* **Activity**
The copy you give must match the records exactly, except that it holds no images.
START Supplied records
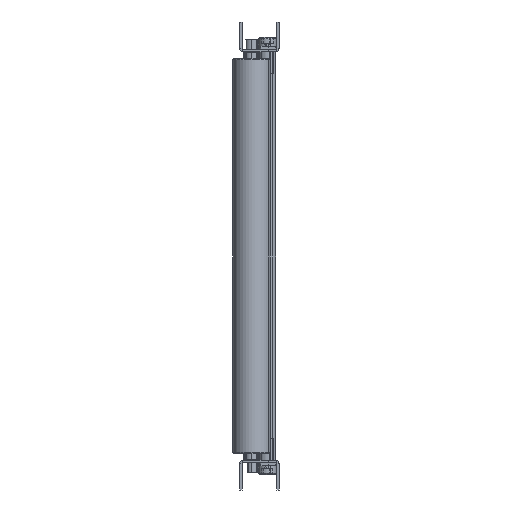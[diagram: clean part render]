
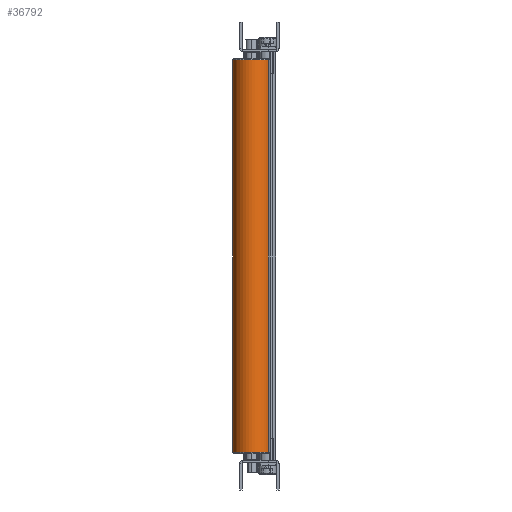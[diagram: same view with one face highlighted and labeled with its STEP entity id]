
A CAD part, left-side view. The second image highlights one B-rep face of the part: STEP entity #36792.
In plain terms, the highlighted cylindrical face has radius 19.05 mm (diameter 38.1 mm), a partial arc.
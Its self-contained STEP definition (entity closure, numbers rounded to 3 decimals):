
#2516 = DIRECTION ( 'NONE',  ( -0.481, -0.877, 0. ) ) ;
#2734 = ORIENTED_EDGE ( 'NONE', *, *, #10045, .F. ) ;
#3082 = LINE ( 'NONE', #26085, #15106 ) ;
#3089 = EDGE_CURVE ( 'NONE', #23654, #6570, #30489, .T. ) ;
#3695 = CARTESIAN_POINT ( 'NONE',  ( -2008.524, 276.058, -622.3 ) ) ;
#4626 = EDGE_CURVE ( 'NONE', #15003, #23654, #3082, .T. ) ;
#4750 = ORIENTED_EDGE ( 'NONE', *, *, #3089, .T. ) ;
#5691 = CARTESIAN_POINT ( 'NONE',  ( -1999.364, 292.762, -273.759 ) ) ;
#6570 = VERTEX_POINT ( 'NONE', #36230 ) ;
#6699 = DIRECTION ( 'NONE',  ( -0.481, -0.877, 0. ) ) ;
#8535 = ORIENTED_EDGE ( 'NONE', *, *, #4626, .T. ) ;
#9250 = VERTEX_POINT ( 'NONE', #21530 ) ;
#10045 = EDGE_CURVE ( 'NONE', #9250, #6570, #11851, .T. ) ;
#10110 = EDGE_LOOP ( 'NONE', ( #34390, #8535, #4750, #2734 ) ) ;
#11851 = LINE ( 'NONE', #21246, #25987 ) ;
#14458 = EDGE_CURVE ( 'NONE', #9250, #15003, #33689, .T. ) ;
#15003 = VERTEX_POINT ( 'NONE', #27857 ) ;
#15106 = VECTOR ( 'NONE', #23071, 1000. ) ;
#21246 = CARTESIAN_POINT ( 'NONE',  ( -2017.683, 259.355, -622.3 ) ) ;
#21530 = CARTESIAN_POINT ( 'NONE',  ( -2017.683, 259.355, 124.241 ) ) ;
#23059 = DIRECTION ( 'NONE',  ( 0., 0., -1. ) ) ;
#23071 = DIRECTION ( 'NONE',  ( 0., 0., -1. ) ) ;
#23462 = AXIS2_PLACEMENT_3D ( 'NONE', #31726, #23059, #2516 ) ;
#23654 = VERTEX_POINT ( 'NONE', #5691 ) ;
#23669 = CARTESIAN_POINT ( 'NONE',  ( -2008.524, 276.058, -273.759 ) ) ;
#23712 = DIRECTION ( 'NONE',  ( 0., 0., -1. ) ) ;
#25987 = VECTOR ( 'NONE', #23712, 1000. ) ;
#26085 = CARTESIAN_POINT ( 'NONE',  ( -1999.364, 292.762, -622.3 ) ) ;
#26507 = DIRECTION ( 'NONE',  ( 0., 0., 1. ) ) ;
#27503 = AXIS2_PLACEMENT_3D ( 'NONE', #23669, #26507, #32698 ) ;
#27602 = AXIS2_PLACEMENT_3D ( 'NONE', #3695, #32544, #6699 ) ;
#27857 = CARTESIAN_POINT ( 'NONE',  ( -1999.364, 292.762, 124.241 ) ) ;
#29541 = CYLINDRICAL_SURFACE ( 'NONE', #27602, 19.05 ) ;
#30489 = CIRCLE ( 'NONE', #27503, 19.05 ) ;
#31726 = CARTESIAN_POINT ( 'NONE',  ( -2008.524, 276.058, 124.241 ) ) ;
#32544 = DIRECTION ( 'NONE',  ( 0., 0., -1. ) ) ;
#32698 = DIRECTION ( 'NONE',  ( 0.481, 0.877, 0. ) ) ;
#33689 = CIRCLE ( 'NONE', #23462, 19.05 ) ;
#34390 = ORIENTED_EDGE ( 'NONE', *, *, #14458, .T. ) ;
#35397 = FACE_OUTER_BOUND ( 'NONE', #10110, .T. ) ;
#36230 = CARTESIAN_POINT ( 'NONE',  ( -2017.683, 259.355, -273.759 ) ) ;
#36792 = ADVANCED_FACE ( 'NONE', ( #35397 ), #29541, .T. ) ;
END Supplied records
* **Reply to the exercise**
[diagram: clean part render]
[diagram: same view with one face highlighted and labeled with its STEP entity id]
A CAD part, left-side view. The second image highlights one B-rep face of the part: STEP entity #36792.
In plain terms, the highlighted cylindrical face has radius 19.05 mm (diameter 38.1 mm), a partial arc.
Its self-contained STEP definition (entity closure, numbers rounded to 3 decimals):
#2516 = DIRECTION ( 'NONE',  ( -0.481, -0.877, 0. ) ) ;
#2734 = ORIENTED_EDGE ( 'NONE', *, *, #10045, .F. ) ;
#3082 = LINE ( 'NONE', #26085, #15106 ) ;
#3089 = EDGE_CURVE ( 'NONE', #23654, #6570, #30489, .T. ) ;
#3695 = CARTESIAN_POINT ( 'NONE',  ( -2008.524, 276.058, -622.3 ) ) ;
#4626 = EDGE_CURVE ( 'NONE', #15003, #23654, #3082, .T. ) ;
#4750 = ORIENTED_EDGE ( 'NONE', *, *, #3089, .T. ) ;
#5691 = CARTESIAN_POINT ( 'NONE',  ( -1999.364, 292.762, -273.759 ) ) ;
#6570 = VERTEX_POINT ( 'NONE', #36230 ) ;
#6699 = DIRECTION ( 'NONE',  ( -0.481, -0.877, 0. ) ) ;
#8535 = ORIENTED_EDGE ( 'NONE', *, *, #4626, .T. ) ;
#9250 = VERTEX_POINT ( 'NONE', #21530 ) ;
#10045 = EDGE_CURVE ( 'NONE', #9250, #6570, #11851, .T. ) ;
#10110 = EDGE_LOOP ( 'NONE', ( #34390, #8535, #4750, #2734 ) ) ;
#11851 = LINE ( 'NONE', #21246, #25987 ) ;
#14458 = EDGE_CURVE ( 'NONE', #9250, #15003, #33689, .T. ) ;
#15003 = VERTEX_POINT ( 'NONE', #27857 ) ;
#15106 = VECTOR ( 'NONE', #23071, 1000. ) ;
#21246 = CARTESIAN_POINT ( 'NONE',  ( -2017.683, 259.355, -622.3 ) ) ;
#21530 = CARTESIAN_POINT ( 'NONE',  ( -2017.683, 259.355, 124.241 ) ) ;
#23059 = DIRECTION ( 'NONE',  ( 0., 0., -1. ) ) ;
#23071 = DIRECTION ( 'NONE',  ( 0., 0., -1. ) ) ;
#23462 = AXIS2_PLACEMENT_3D ( 'NONE', #31726, #23059, #2516 ) ;
#23654 = VERTEX_POINT ( 'NONE', #5691 ) ;
#23669 = CARTESIAN_POINT ( 'NONE',  ( -2008.524, 276.058, -273.759 ) ) ;
#23712 = DIRECTION ( 'NONE',  ( 0., 0., -1. ) ) ;
#25987 = VECTOR ( 'NONE', #23712, 1000. ) ;
#26085 = CARTESIAN_POINT ( 'NONE',  ( -1999.364, 292.762, -622.3 ) ) ;
#26507 = DIRECTION ( 'NONE',  ( 0., 0., 1. ) ) ;
#27503 = AXIS2_PLACEMENT_3D ( 'NONE', #23669, #26507, #32698 ) ;
#27602 = AXIS2_PLACEMENT_3D ( 'NONE', #3695, #32544, #6699 ) ;
#27857 = CARTESIAN_POINT ( 'NONE',  ( -1999.364, 292.762, 124.241 ) ) ;
#29541 = CYLINDRICAL_SURFACE ( 'NONE', #27602, 19.05 ) ;
#30489 = CIRCLE ( 'NONE', #27503, 19.05 ) ;
#31726 = CARTESIAN_POINT ( 'NONE',  ( -2008.524, 276.058, 124.241 ) ) ;
#32544 = DIRECTION ( 'NONE',  ( 0., 0., -1. ) ) ;
#32698 = DIRECTION ( 'NONE',  ( 0.481, 0.877, 0. ) ) ;
#33689 = CIRCLE ( 'NONE', #23462, 19.05 ) ;
#34390 = ORIENTED_EDGE ( 'NONE', *, *, #14458, .T. ) ;
#35397 = FACE_OUTER_BOUND ( 'NONE', #10110, .T. ) ;
#36230 = CARTESIAN_POINT ( 'NONE',  ( -2017.683, 259.355, -273.759 ) ) ;
#36792 = ADVANCED_FACE ( 'NONE', ( #35397 ), #29541, .T. ) ;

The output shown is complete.